I’ve hated sports all my life (except for hockey). But ever since moving to Prague and watching my first REAL football game 2 years ago in a pub surrounded by crazy fans, I’ve caught the bug, big time. Proper football rocks! I can see why everyone in Europe goes so crazy for it… HOWEVER… seeing as I watch all the games in Czech pubs with all my Czech students and I’ve been happier here in Prague for the past 2 years than I’ve ever been… I have to say the Czech USA game was EXACTLY as I hoped it would be. My loyalties… they’re fickle.

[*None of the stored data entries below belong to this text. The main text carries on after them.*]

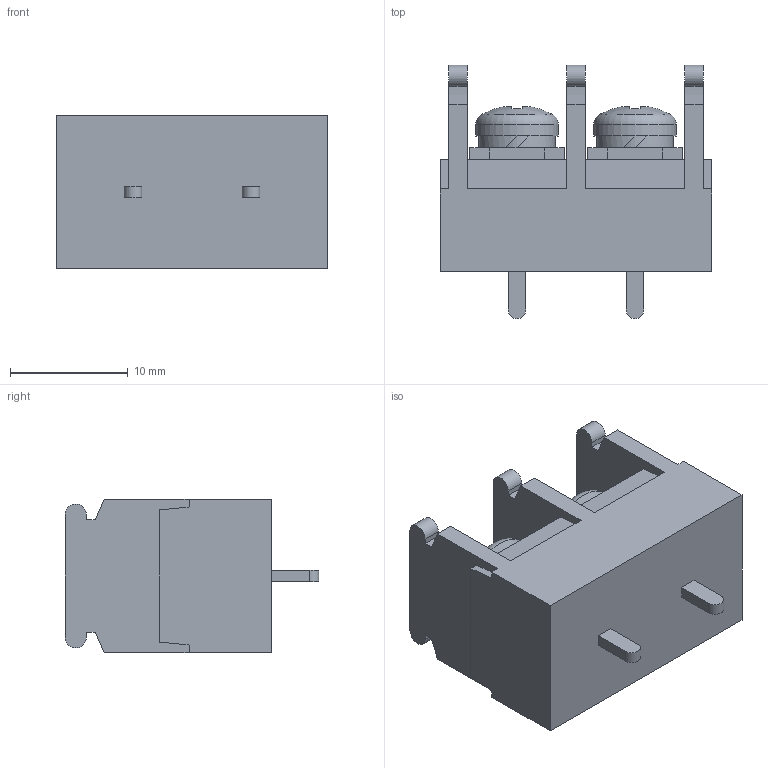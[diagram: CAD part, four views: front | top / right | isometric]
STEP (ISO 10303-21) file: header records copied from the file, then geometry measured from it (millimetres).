
FILE_DESCRIPTION(/* description */ ('Alibre Inc.'),/* implementation_level */ '2;1');
FILE_NAME(/* name */ 'export0',/* time_stamp */ '2015-10-17T19:38:47+09:00',/* author */ (''),/* organization */ (''),/* preprocessor_version */ 'ST-DEVELOPER v14',/* originating_system */ 'Alibre',/* authorisation */ '');
FILE_SCHEMA (('CONFIG_CONTROL_DESIGN'));
Length unit declared in the file: centimetre
Products named in the file (1): ID_1
Bounding box: 23 x 21.5 x 13 mm (x, y, z)
Volume: 3580.5 mm3; surface area: 2282.7 mm2
Topology: 1 solids, 17 shells, 522 faces, 1372 edges, 914 vertices
Faces by surface type: plane 392, bspline 104, cylinder 14, cone 8, sphere 2, torus 2
Full cylindrical faces by diameter (mm): 6.5 x2, 7 x2
Entity records: 15669 total; most frequent: CARTESIAN_POINT 3793, ORIENTED_EDGE 2736, DIRECTION 1662, EDGE_CURVE 1368, VECTOR 1066, LINE 1066, VERTEX_POINT 914, EDGE_LOOP 564

A treasured memory from my time in Budapest, working for a world music website: I was instructed that the first rule was AMERICAN ENGLISH ONLY, because “we don’t want subscribers to think we are all hoity-toity europeans.” Yay for being a hoity-toity user of what I like to think of as European English, krissa. You are cosmopolitan, not fake; and mr goway should keep reading PH in order to broaden his horizons.
Krissa, please make no apologies for spelling or using words in the British fashion – especially not football. I’m an English girl living in Australia and I’m about to lie down and take a nice nap for the duration of the three hours and 47 minutes I’m afforded before the next England match (2am AEST) to RECOVER from the exhaustion of explaining to my goddamn gloriously stubborn Australian friends that it is NOT the Soccer World Cup. Prats.